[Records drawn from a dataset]
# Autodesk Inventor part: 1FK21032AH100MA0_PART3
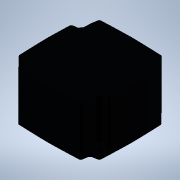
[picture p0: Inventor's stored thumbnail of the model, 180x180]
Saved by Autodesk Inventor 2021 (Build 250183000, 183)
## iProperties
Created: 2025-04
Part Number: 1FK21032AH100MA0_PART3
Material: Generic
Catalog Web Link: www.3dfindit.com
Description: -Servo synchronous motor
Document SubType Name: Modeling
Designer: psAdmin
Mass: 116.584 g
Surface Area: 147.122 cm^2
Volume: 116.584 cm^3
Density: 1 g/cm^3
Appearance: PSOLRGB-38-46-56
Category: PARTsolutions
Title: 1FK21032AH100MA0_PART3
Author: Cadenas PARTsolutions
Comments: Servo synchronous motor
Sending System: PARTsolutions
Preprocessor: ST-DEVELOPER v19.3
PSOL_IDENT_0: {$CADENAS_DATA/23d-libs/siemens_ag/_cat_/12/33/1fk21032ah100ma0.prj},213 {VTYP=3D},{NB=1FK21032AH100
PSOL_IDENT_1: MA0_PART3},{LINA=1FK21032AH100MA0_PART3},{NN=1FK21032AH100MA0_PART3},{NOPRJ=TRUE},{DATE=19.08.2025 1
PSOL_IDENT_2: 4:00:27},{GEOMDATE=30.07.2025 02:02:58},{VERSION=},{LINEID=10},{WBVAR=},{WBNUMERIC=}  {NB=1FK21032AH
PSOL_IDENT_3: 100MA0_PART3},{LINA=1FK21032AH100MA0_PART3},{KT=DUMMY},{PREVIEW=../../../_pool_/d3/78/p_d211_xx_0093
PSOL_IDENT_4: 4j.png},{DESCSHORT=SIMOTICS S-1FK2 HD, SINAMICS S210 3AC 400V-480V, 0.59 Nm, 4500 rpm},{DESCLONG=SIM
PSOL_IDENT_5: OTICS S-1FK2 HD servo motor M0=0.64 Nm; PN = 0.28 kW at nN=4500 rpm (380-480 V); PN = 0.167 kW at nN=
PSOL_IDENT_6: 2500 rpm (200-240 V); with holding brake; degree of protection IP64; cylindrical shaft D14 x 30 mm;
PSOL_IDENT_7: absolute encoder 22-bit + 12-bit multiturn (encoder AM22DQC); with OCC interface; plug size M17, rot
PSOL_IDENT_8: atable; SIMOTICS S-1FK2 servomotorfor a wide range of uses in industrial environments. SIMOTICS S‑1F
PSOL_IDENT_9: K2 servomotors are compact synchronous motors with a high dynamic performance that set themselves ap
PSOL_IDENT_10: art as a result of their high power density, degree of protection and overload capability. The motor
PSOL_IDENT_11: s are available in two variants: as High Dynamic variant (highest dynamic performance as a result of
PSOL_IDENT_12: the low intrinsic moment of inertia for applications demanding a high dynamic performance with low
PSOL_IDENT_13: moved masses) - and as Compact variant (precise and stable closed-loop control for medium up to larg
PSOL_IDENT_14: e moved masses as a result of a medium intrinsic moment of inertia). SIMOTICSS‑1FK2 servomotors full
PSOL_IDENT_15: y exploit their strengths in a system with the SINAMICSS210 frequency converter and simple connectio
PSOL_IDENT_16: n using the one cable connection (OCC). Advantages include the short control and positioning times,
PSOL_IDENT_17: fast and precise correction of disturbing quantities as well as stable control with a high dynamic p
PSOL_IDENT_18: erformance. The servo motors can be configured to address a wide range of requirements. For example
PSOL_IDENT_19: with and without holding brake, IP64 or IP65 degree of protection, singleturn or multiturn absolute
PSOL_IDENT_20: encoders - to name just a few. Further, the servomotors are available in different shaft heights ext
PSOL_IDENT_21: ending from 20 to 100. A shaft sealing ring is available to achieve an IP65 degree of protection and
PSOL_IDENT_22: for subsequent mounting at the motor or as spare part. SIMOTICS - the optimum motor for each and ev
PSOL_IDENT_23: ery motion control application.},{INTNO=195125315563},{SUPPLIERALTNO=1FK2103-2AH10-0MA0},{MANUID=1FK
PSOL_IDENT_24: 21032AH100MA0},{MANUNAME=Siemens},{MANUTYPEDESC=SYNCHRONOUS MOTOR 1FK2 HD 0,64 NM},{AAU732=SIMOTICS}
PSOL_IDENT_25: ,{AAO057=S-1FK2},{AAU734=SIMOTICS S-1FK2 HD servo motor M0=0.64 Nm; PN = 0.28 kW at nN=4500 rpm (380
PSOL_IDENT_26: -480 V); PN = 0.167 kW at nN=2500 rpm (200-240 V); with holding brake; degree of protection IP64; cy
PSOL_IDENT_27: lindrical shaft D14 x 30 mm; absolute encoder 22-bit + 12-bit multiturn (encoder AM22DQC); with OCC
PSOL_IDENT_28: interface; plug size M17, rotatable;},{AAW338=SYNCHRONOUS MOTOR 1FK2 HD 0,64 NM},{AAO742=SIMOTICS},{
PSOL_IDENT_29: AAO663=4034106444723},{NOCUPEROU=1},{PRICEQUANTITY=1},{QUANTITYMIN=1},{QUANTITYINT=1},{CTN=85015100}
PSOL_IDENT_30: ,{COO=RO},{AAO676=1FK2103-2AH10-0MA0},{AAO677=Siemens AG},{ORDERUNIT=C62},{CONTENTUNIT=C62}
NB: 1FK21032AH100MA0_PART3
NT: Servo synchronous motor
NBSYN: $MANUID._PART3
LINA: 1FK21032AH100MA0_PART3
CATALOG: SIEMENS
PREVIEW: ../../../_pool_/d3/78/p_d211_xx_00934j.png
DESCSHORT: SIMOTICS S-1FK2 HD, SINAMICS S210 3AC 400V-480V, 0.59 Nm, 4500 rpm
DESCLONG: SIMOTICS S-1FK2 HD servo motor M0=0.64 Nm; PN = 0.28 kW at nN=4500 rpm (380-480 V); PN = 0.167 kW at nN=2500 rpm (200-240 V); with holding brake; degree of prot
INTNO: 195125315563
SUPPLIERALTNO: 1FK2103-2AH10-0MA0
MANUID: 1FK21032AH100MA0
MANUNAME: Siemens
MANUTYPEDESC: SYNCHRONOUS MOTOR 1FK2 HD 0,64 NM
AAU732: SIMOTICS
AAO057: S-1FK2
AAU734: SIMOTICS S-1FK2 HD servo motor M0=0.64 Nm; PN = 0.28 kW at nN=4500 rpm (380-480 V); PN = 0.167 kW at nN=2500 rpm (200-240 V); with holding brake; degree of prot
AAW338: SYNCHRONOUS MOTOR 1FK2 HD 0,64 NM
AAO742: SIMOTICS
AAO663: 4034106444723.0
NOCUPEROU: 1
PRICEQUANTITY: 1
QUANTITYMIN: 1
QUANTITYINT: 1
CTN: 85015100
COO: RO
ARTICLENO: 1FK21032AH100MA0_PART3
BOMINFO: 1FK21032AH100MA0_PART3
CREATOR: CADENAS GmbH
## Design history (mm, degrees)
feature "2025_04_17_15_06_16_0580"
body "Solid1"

Problem to work on —
Reproduce only the lines above spanning from the line containing "Saved by Autodesk" through the line containing "Preprocessor: ST-DEVELOPER v19.3", word for word.

Completed task —
Saved by Autodesk Inventor 2021 (Build 250183000, 183)
## iProperties
Created: 2025-04
Part Number: 1FK21032AH100MA0_PART3
Material: Generic
Catalog Web Link: www.3dfindit.com
Description: -Servo synchronous motor
Document SubType Name: Modeling
Designer: psAdmin
Mass: 116.584 g
Surface Area: 147.122 cm^2
Volume: 116.584 cm^3
Density: 1 g/cm^3
Appearance: PSOLRGB-38-46-56
Category: PARTsolutions
Title: 1FK21032AH100MA0_PART3
Author: Cadenas PARTsolutions
Comments: Servo synchronous motor
Sending System: PARTsolutions
Preprocessor: ST-DEVELOPER v19.3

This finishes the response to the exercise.